Iraq’s Federal Supreme Court ruled this month that a bilateral agreement regulating navigation in the Khor Abdullah waterway between Iraq and Kuwait was unconstitutional. The court said the law ratifying the accord should have been approved by two-thirds of parliament. Kuwait’s prime minister described the Iraqi court ruling as containing “historical fallacies” and called on Iraq to take “concrete, decisive and urgent measures” to address it. Reacting to the problem in a carefully worded statement on Sept 26, Iraqi PM Mohammed Shia Al-Sudani said the country wants a solution that does not conflict either with its constitution or with international law. He emphasised that Iraq respected the sovereignty and territorial integrity of Kuwait and was committed to all its bilateral agreements with countries and to the resolutions of the UN Security Council., a statement from the prime minister’s media office said on Tuesday. (Comment: Although the UN-demarcated Kuwait-Iraq land border In 1993 after Iraq’s invasion of Kuwait was undone, it did not cover their maritime boundaries. This was left for the two countries to resolve. A maritime border agreement between the two nations was reached in 2012 and ratified by each of their legislative bodies in 2013. Ten years on, Iraq’s Federal Supreme Court has scratched the old wound of Saddam Hussein’s invasion of Kuwait. The court seems to have a penchant for such disruption, already witnessed in its ruling over various issues on Kurdish autonomy.) 


On Sept 19, PM al-Sudani met US Secretary of State Anthony Blinken on the sidelines of the UNGA session in New York. Blinken conveyed an invitation from President Biden for a visit to the White House “soon.”


There were several developments concerning relations between the Iraqi central government and the Kurdish Regional Government (KRG). On Sept 18, the Iraqi government announced an increase of its annual financial support to KRG to $1.6 bn. On Sept 12, Iraq started relocating anti-Iranian Kurdish fighters away from the bilateral border, meeting an Iranian demand. On Sept 3, Iraqi security forces were deployed in Kirkuk after four persons were killed in protest against an Iraqi Federal Supreme Court decision to delay a building handover by the Iraqi army to KDP. On Sept 27, a wedding fire killed over 100 persons in Mosul. 

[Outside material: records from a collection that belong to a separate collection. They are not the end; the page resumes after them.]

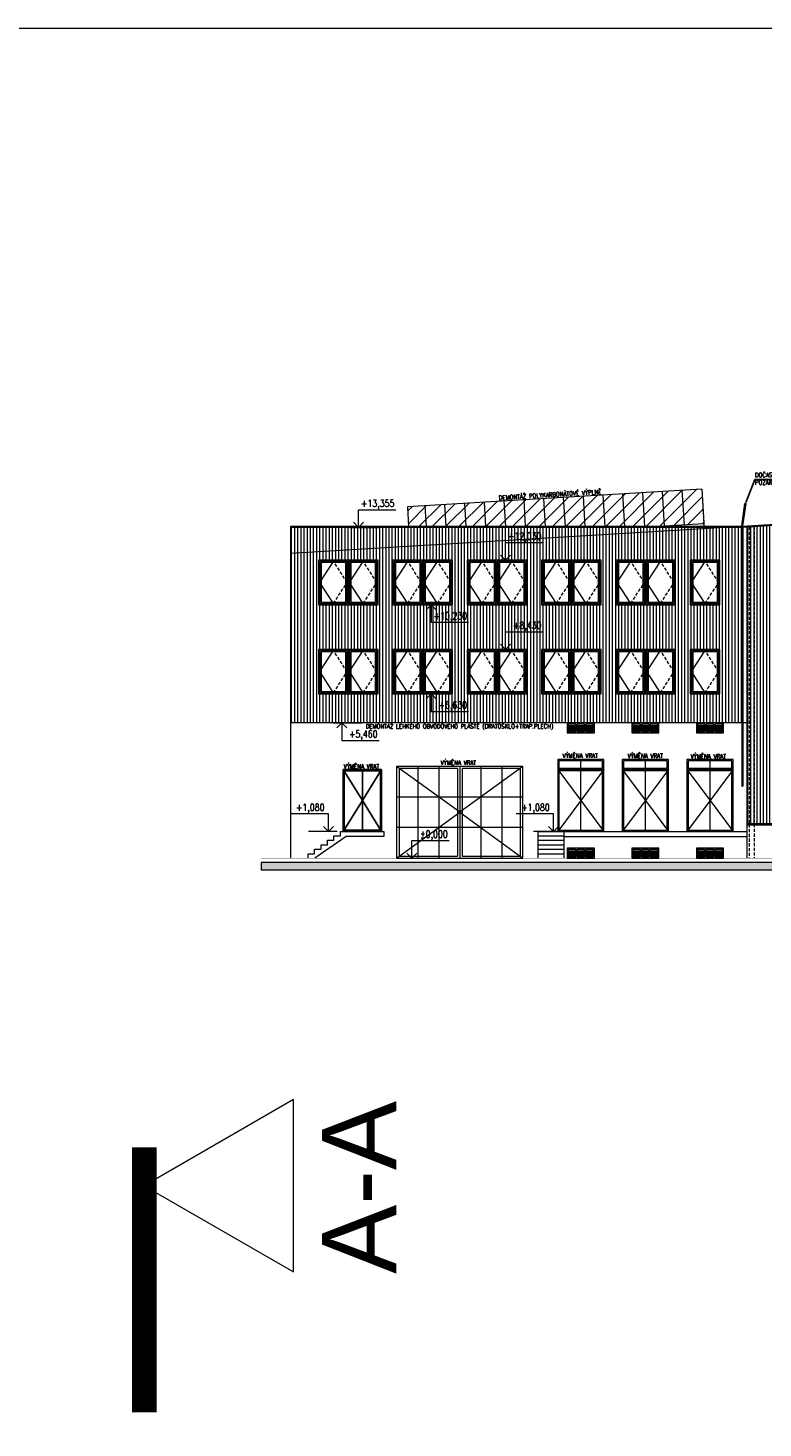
# Model space of a CAD drawing. Header units: millimetres. Extents: x -485339 to 286898, y -1189934 to 1602269.
# Tile 132 of 230: x -234670 to -205000, y -570485 to -513966. Entities that reach past the tile are written whole.
import ezdxf
from ezdxf import colors
from ezdxf.entities.mleader import LeaderData, LeaderLine
from ezdxf.enums import TextEntityAlignment as Align
from ezdxf.math import Vec2, Vec3

# ---------------------------------------------------------------- set-up
doc = ezdxf.new("R2010")
doc.units = ezdxf.units.MM
doc.header["$LTSCALE"] = 10
for name, pattern in [('DASHDOT', [25.4, 12.7, -6.35, 0, -6.35]), ('DASHED', [19.05, 12.7, -6.35]), ('ČÁRKOVANÁ', [19.05, 12.7, -6.35])]:
    doc.linetypes.add(name, pattern=pattern)
doc.layers.get('Defpoints').update_dxf_attribs({"lineweight": 0})
for name, color, linetype, lineweight, true_color in [('BOUR_DVEŘE', 7, 'Continuous', 18, 0x4ccd32), ('BOUR_OKNA', 7, 'Continuous', 18, 0x4ccd32), ('BOUR_ČÁRY_PLNÉ', 7, 'Continuous', 18, 0x4ccd32), ('BOUR_ŠRAFY', 7, 'Continuous', 18, 0x4ccd32), ('BOURÁNÍ_POPIS', 7, 'Continuous', 18, 0x4ccd32)]:
    doc.layers.add(name, color=color, linetype=linetype, lineweight=lineweight, true_color=true_color)
for name, color, linetype, lineweight in [('St__otvory_dveře', 40, 'Continuous', 18), ('St_kóty_výškové', 132, 'Continuous', 18), ('St_otvory_okna', 40, 'Continuous', 18), ('St_popis', 250, 'Continuous', 18), ('St_sloupy_opláštění_pohled', 25, 'ČÁRKOVANÁ', 18), ('St_čáry_obrys', 5, 'Continuous', 35), ('St_čáry_plné', 250, 'Continuous', 18), ('St_šrafy', 250, 'Continuous', 18)]:
    doc.layers.add(name, color=color, linetype=linetype, lineweight=lineweight)
doc.styles.add('Andy', font='arial.ttf')
doc.styles.add('ROMANS', font='romans.shx', dxfattribs={"width": 0.8})
doc.styles.get("Standard").update_dxf_attribs({"font": 'simplex.shx', "width": 0.8})
pattern_1 = [(90, (0, 160416.98), (-127, 8e-15), [])]

# ---------------------------------------------------------------- blocks, each defined once
blk = doc.blocks.new('G$C4C01F9E8')
at = {"layer": 'St__otvory_dveře', "color": 0}
for points in [[(0, 0), (1860, 0), (1860, 2500), (0, 2500)], [(50, 50), (1810, 50), (1810, 2450), (50, 2450)]]:
    blk.add_lwpolyline(points, close=True, dxfattribs=at)
for points in [[(0, 2500), (930, 1250), (0, 0)], [(930, 0), (930, 2500)], [(1860, 2500), (930, 1250), (1860, 0)]]:
    blk.add_lwpolyline(points, dxfattribs=at)
blk = doc.blocks.new('G$CCE6EB1B3')
at = {"layer": 'St__otvory_dveře', "color": 0}
for points in [[(-550, -400), (550, -400), (550, 0), (-550, 0)], [(-500, -350), (-200, -350), (-200, -50), (-500, -50)], [(-150, -350), (150, -350), (150, -50), (-150, -50)], [(200, -350), (500, -350), (500, -50), (200, -50)]]:
    blk.add_lwpolyline(points, close=True, dxfattribs=at)
for points in [[(-500, -100), (-200, -100)], [(-500, -150), (-200, -150)], [(-500, -200), (-200, -200)], [(-500, -250), (-200, -250)], [(-500, -300), (-200, -300)], [(-150, -100), (150, -100)], [(-150, -150), (150, -150)], [(-150, -200), (150, -200)], [(-150, -250), (150, -250)], [(-150, -300), (150, -300)], [(200, -100), (500, -100)], [(200, -150), (500, -150)], [(200, -200), (500, -200)], [(200, -250), (500, -250)], [(200, -300), (500, -300)]]:
    blk.add_lwpolyline(points, dxfattribs=at)
blk = doc.blocks.new('G$CE9DC63CE')
at = {"layer": 'St__otvory_dveře', "color": 0}
for p, q in [((5100, 3700), (0, 3700)), ((0, 3700), (0, 0)), ((2550, 1850), (0, 3700)), ((100, 3618), (100, 82)), ((2450, 3618), (100, 3618)), ((850, 3700), (850, 0)), ((1700, 3700), (1700, 0)), ((2450, 3618), (2450, 82)), ((2550, 3700), (2550, 0)), ((5100, 3700), (2550, 1850)), ((5000, 3618), (2650, 3618)), ((2650, 3618), (2650, 82)), ((3400, 3700), (3400, 0)), ((4250, 3700), (4250, 0)), ((5000, 82), (5000, 3618)), ((5100, 0), (5100, 3700)), ((5100, 2467), (0, 2467)), ((0, 0), (2550, 1850)), ((2550, 1850), (5100, 0)), ((5100, 1233), (0, 1233)), ((0, 0), (5100, 0)), ((100, 82), (2450, 82)), ((2650, 82), (5000, 82))]:
    blk.add_line(p, q, dxfattribs=at)
blk.add_lwpolyline([(0, 0), (5100, 0), (5100, 3700), (0, 3700)], close=True, dxfattribs=at)
blk = doc.blocks.new('G$C2A535DCC')
at = {"layer": 'St__otvory_dveře', "color": 0}
for p, q in [((775, 1250), (0, 2500)), ((0, 2500), (1550, 2500)), ((0, 2500), (775, 1250)), ((0, 2500), (0, 0)), ((1550, 2500), (0, 2500)), ((0, 0), (0, 2500)), ((0, 2500), (0, 2500)), ((0, 2450), (1508, 2450)), ((0, 2450), (0, 0)), ((1508, 2450), (0, 2450)), ((0, 0), (0, 2450)), ((42, 2450), (1508, 2450)), ((42, 2450), (42, 50)), ((1508, 2450), (42, 2450)), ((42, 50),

On Sept 14, a US Treasury official urged the Iraqi government to act to curb illegal transfers of US dollars to Iran by private Iraqi banks.


On Sept 26, Iraq announced that an 18 km railway line linking Basrah in Iraq with Shalamja in Iran would be completed in 18 months. This would be the first train link between the two countries and would mainly facilitate travel by the Iranian pilgrims to the Shite holy sites in Iraq.



Renegade general Khalifa Haftar, whose forces dominate eastern Libya, has held talks with Russian President Vladimir Putin and Defence Minister Sergei Shoigu in Moscow on Sept 28. It was the first meeting between the two men since 2019. (Comment: Their talks are likely to have centred on the future of hundreds of Wagner personnel remaining stationed in the areas under Haftar’s control.)



On Sept 25, the National Elections Authority announced that the vote to elect the new President of the Republic will be held on December 10-12. While a handful of politicians have already announced their bids to run for the country’s highest post, observers expect President Abdel Fattah el-Sisi to sail through the elections.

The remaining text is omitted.